# Completely remove boiled linseed oil 'staining'



## Infuego (Apr 23, 2012)

I recently acquired an aproximately 20 year old guitar with a maple neck. Unfortunately, the previous owner stated he had applied boiled linseed oil aproximately 6 years ago and aroun 6 months ago as well. The result would be what I consider a less than desirable appearance. Compleste darkening/staining of some areas, and a 'flame' like looking staing in others. 

I would like to completely remove the boiled linseed oil's effects upon the color and appearance on the maple. I have tried out some naptha along with a little elbow greease, and it does appear to have lightened...but not 'solved' the issue by anymeans.

Are there any methods that may actually work to rid the wood of the linseed oil? If need be, I can sand the wood if it would be necessary, but I am trying to avoid that if there is another method which will work...the neck is in fine shape other than the finish. Also, if sanding would be required, should I use any additional solvents, etc after doing so.

Thank you so very much for any help/advice you may provide.


----------



## chemmy (Dec 13, 2011)

Infuego said:


> I recently acquired an aproximately 20 year old guitar with a maple neck. Unfortunately, the previous owner stated he had applied boiled linseed oil approximately 6 years ago and around 6 months ago as well. The result would be what I consider a less than desirable appearance. Complete darkening/staining of some areas, and a 'flame' like looking stain in others.
> 
> I would like to completely remove the boiled linseed oil's effects upon the color and appearance on the maple. I have tried out some naptha along with a little elbow grease, and it does appear to have lightened...but not 'solved' the issue by any means.
> 
> ...


As you've found out Naphtha is not a good solvent for removing BLO, Very mild in nature as to breaking polarity and and hydrogen bonds. 

Since what is necessary to do so is not readily available to the homeowner, i would suggest using warm [100 degree] acetone heat water up to 120 or so then put a container with loose cap of acetone [make sure it's loose no build up of pressure possible] in the water [away from heat source] and applying it with 4-0000 4/0 steel wool [wear gloves] brushing it on first and keeping it wet [while protecting any areas you don't want affected] and after several minutes steel wooling as much off as possible. Continue this till you see no evidence of surface oils once totally dry, what is deep in the wood will have to be treated differently, and all of it will not be removed, but at least you'll be able to move forward with finishing at that point. 

Just a starting point ok?


----------



## cabinetman (Jul 5, 2007)

Infuego said:


> I would like to completely remove the boiled linseed oil's effects upon the color and appearance on the maple. I have tried out some naptha along with a little elbow greease, and it does appear to have lightened...but not 'solved' the issue by anymeans.
> 
> Are there any methods that may actually work to rid the wood of the linseed oil? If need be, I can sand the wood if it would be necessary, but I am trying to avoid that if there is another method which will work...the neck is in fine shape other than the finish. Also, if sanding would be required, should I use any additional solvents, etc after doing so.
> 
> Thank you so very much for any help/advice you may provide.

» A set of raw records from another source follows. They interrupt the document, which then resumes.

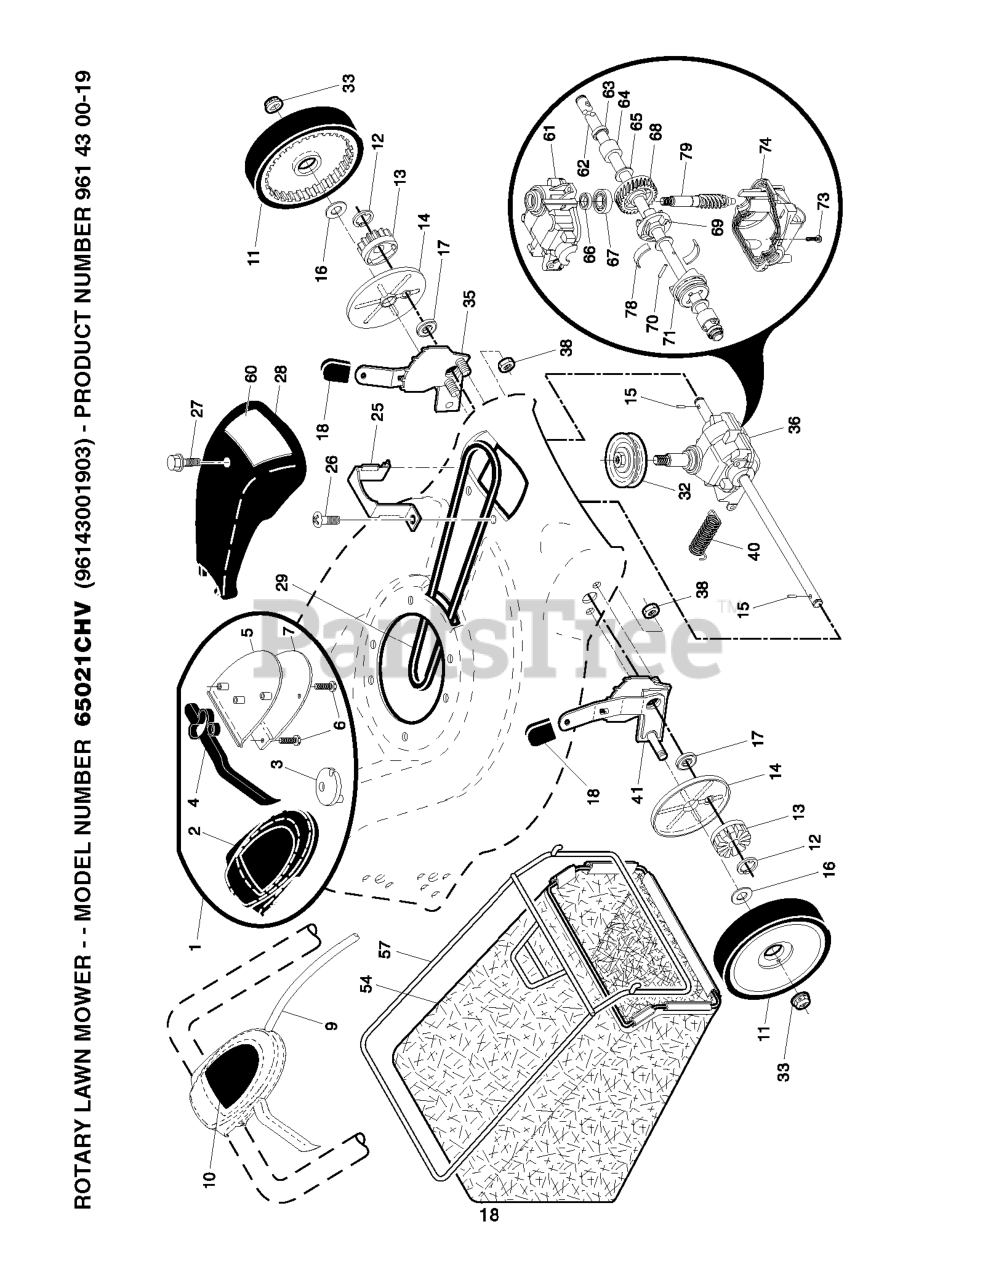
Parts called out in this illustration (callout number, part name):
1	DRIVE CONTROL ASSEMBLY (INCLUD
2	COVER TOP AUTO WALK CONTROL
3	PULLEY
4	LEVER, AUTOWALK DRIVE CONTROL
5	COVER BOTTOM AUTO WLK CONTROL
6	SCREW, PHILLIPS HEAD 10 X 5/8
7	BRACKET.DRIVE.CONTROL.MOUNT.BL
9	CABLE ASSEMBLY, DRIVE
10	DECAL, DRIVE
11	WHEEL.8X1.75.H3SPK.RAD3.GY.BU3
12	E-RING 7/16 RE
13	PINION.14.TEETH.FGD
14	COVER.DUST.WHEEL
15	PAWL.DRIVE
16	WASHER FLUT
17	BEARING ASM
18	KNOB.DELUXE.GRAY
25	BELT KEEPER
27	SCREW, HEX HD TAPPING #10-24 1
28	COVER.DR.21.FWGD/B&S.GRAY
29	BELT.DRIVE.FG
32	RP PULLEY.DRIVE.EZ
33	NUT.HEX.FLANGE.3/8-16.LO(3 2)
35	WHEEL ADJ KIT LH
36	TRANSMISSION.21.FGD.HT.VST
38	LOCKNUT.NYLOC.1/4-20
41	WHEEL ADJ KIT RH
54	GBAG.34710247.SILVER.H
57	FRAME, GRASSBAG
60	DECAL DRIVE COVER
61	CASE.UPPER.00254(SERVICE)
62	SHAFT OUTPUT (12289)
63	SEAL.OUTPUT.SHAFT
66	SEAL INPUT SHAFT
68	GEAR 28 TEETH 36208
69	FIXED DOG CLUTCH
70	PIN.3.50.33733
71	MOVEABLE DOG CLUTCH
74	CASE.BOTTOM.
78	SPRING LEAF
79	SHAFT WORM

If you have lacquer thinner, try a wipe down with it.










 







.


----------



## chemmy (Dec 13, 2011)

Hey infuego, LT will remove some of it for sure, most store brands do have acetone in them. if your satisfied with that then by all means do so. if the color is still dark and not looking like the normal color of wood species [maple/mahogany/etc.] Then at least you have another way to go ok?


----------



## Infuego (Apr 23, 2012)

Thanks everyone for the quick responses. Suggestions so far are along my thinking. The maple is generally finished on these, so I'm wondering if some of the BLO may have 'crept' under it from the looks of things. I guess in the end, there is only one way to find out...get to work.


----------



## chemmy (Dec 13, 2011)

Infuego said:


> Thanks everyone for the quick responses. Suggestions so far are along my thinking. The maple is generally finished on these, so I'm wondering if some of the BLO may have 'crept' under it from the looks of things. I guess in the end, there is only one way to find out...get to work.

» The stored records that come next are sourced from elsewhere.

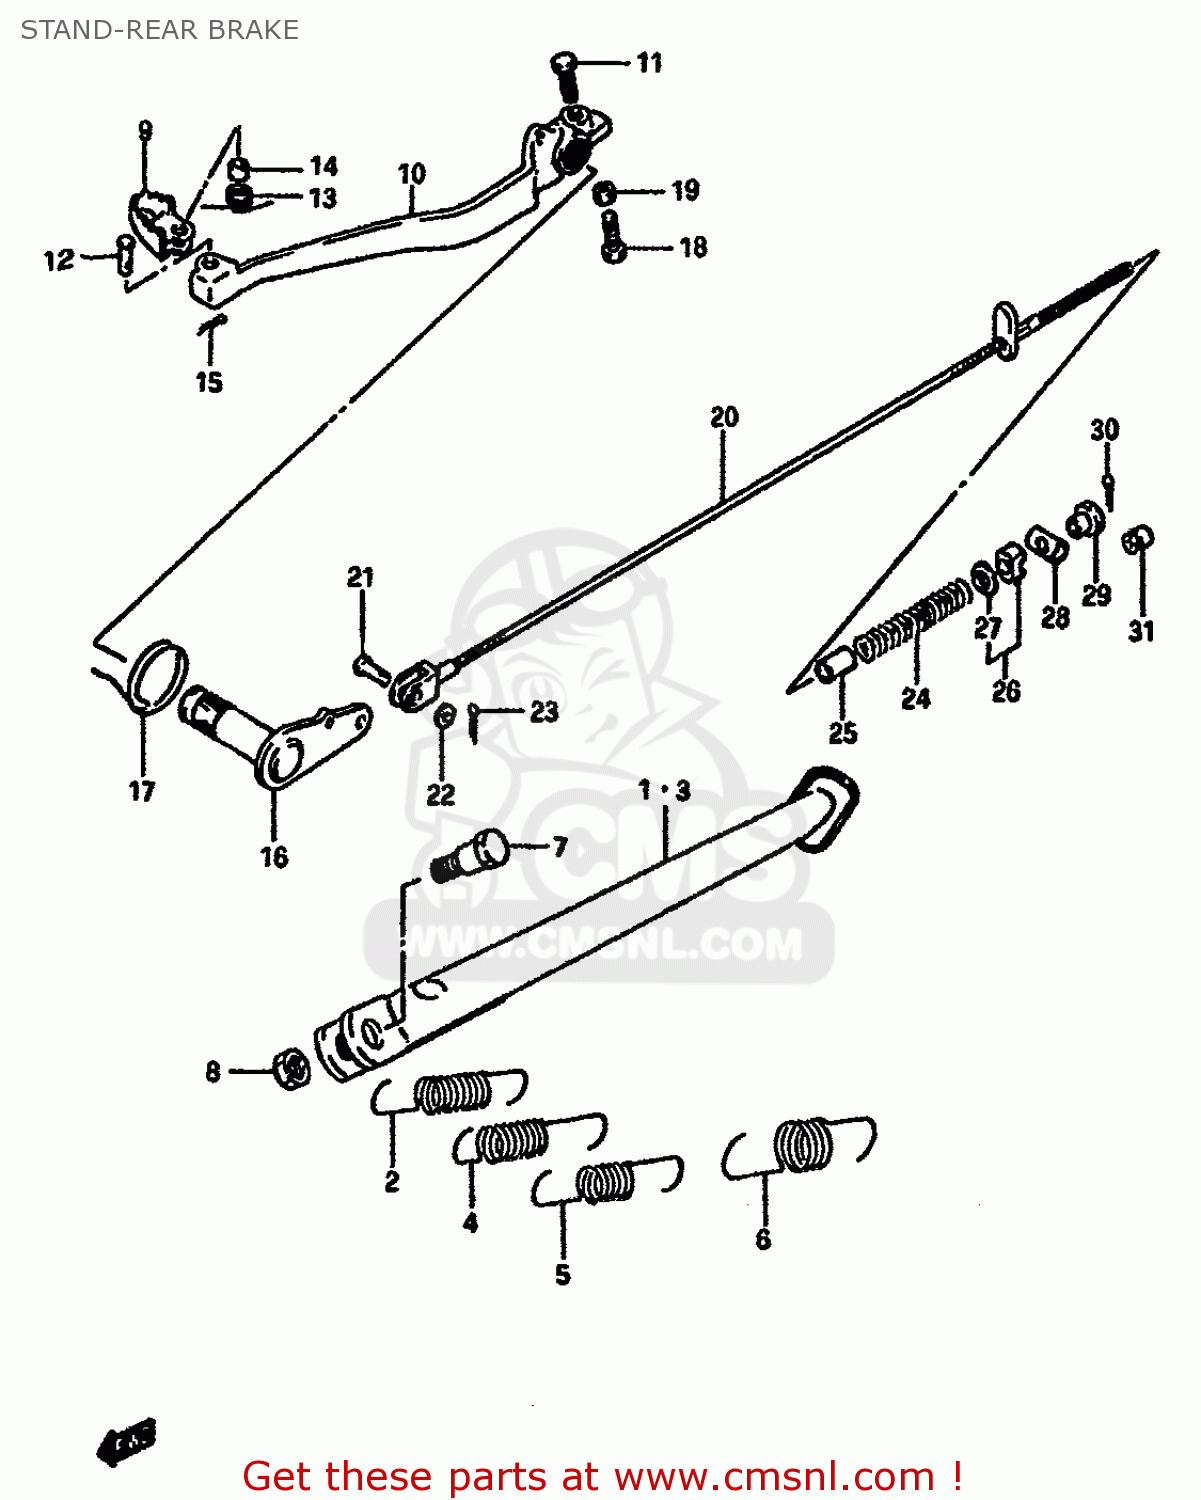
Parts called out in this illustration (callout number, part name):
1	STAND,SIDE
2	SPRING
3	STAND, PROP (BLUE)
4	SPRING
5	SPRING
6	SPRING
7	BOLT L:30
8	NUT
9	PEDAL,BRAKE
10	ARM,BRAKE PEDAL
11	BOLT
12	PIN
13	SPRING
14	SPACER(9.2X9X6.5)
15	PIN
16	ARM,BRAKE PEDAL ROD
17	SPRING
18	BOLT(6X23)
19	NUT 6MM
20	CABLE,RR BRAKE
21	PIN(L:17.5)
22	WASHER, LOWER
23	PIN
24	SPRING
25	CUSHION,FR GRILLE,UPPER
26	CUSHION
27	WASHER
28	PIN,BRAKE CABLE ADJUSTER
29	NUT (6MM)
30	PIN
31	CAP

Sorry infuego, i didnt understand that he put it over the existing finish, lacquer thinner or acetone will eat the finish off most likely, if thats the case you'd be better off wet sanding it off with fine paper 400-600 grit, hope you get this before going ahead with the others. should have made it clearer sorry.


----------



## Infuego (Apr 23, 2012)

I was thinking that too Chemmy. I won't have a chance to work on it for a couple days, so you weren't too late.

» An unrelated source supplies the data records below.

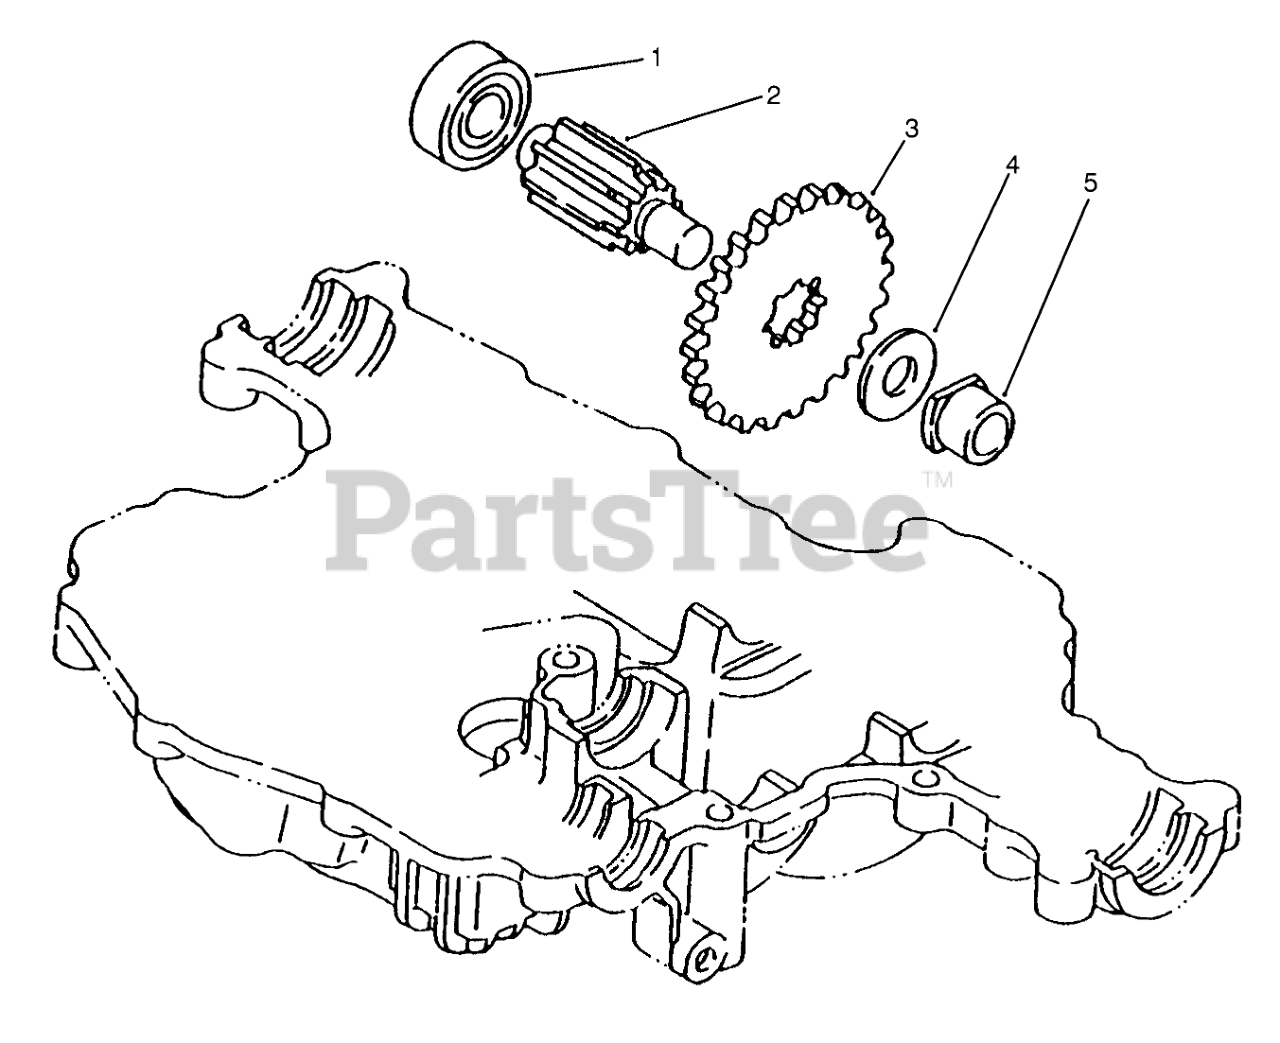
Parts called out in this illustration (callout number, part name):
1	BEARING
2	SHAFT - FINAL PINION
3	GEAR-FINAL SHAFT
4	WASHER
5	BUSHING

I've decided I am going to refret this thing, and go ahead and sand down some, and solvent after if sanding alone doesn't do the trick. I have accumalted a few various radius sanders over the years for this type of project, and it's probably the best thing to do. Originally planned to just sand level and recrown the frets, and do nothing with the wood, but....now, looks like I'm sanding, refinishing, etc.

I will be keeping and playing this thing for a good many years I am sure. I have a few guitars I have picked up over the years that I won't part with regrdless of the offer someone might make for it...and, this looks like it will be another. It is definately one of the 'good ones' from the factory, so if the previous owner just hadn't messed with a beautiful natural maple it would be near perfect.

Just keeping my fingers crossed that the cosmetic blemish can be corrected. If not, it still sounds better than its's cousins so ears will be happy even if my eyes are not.


----------



## chemmy (Dec 13, 2011)

Infuego said:


> I was thinking that too Chemmy. I won't have a chance to work on it for a couple days, so you weren't too late.
> 
> I've decided I am going to refret this thing, and go ahead and sand down some, and solvent after if sanding alone doesn't do the trick. I have accumalted a few various radius sanders over the years for this type of project, and it's probably the best thing to do. Originally planned to just sand level and recrown the frets, and do nothing with the wood, but....now, looks like I'm sanding, refinishing, etc.
> 
> ...


glad i wasn't to late, hope it turns out fine also, good luck !!


----------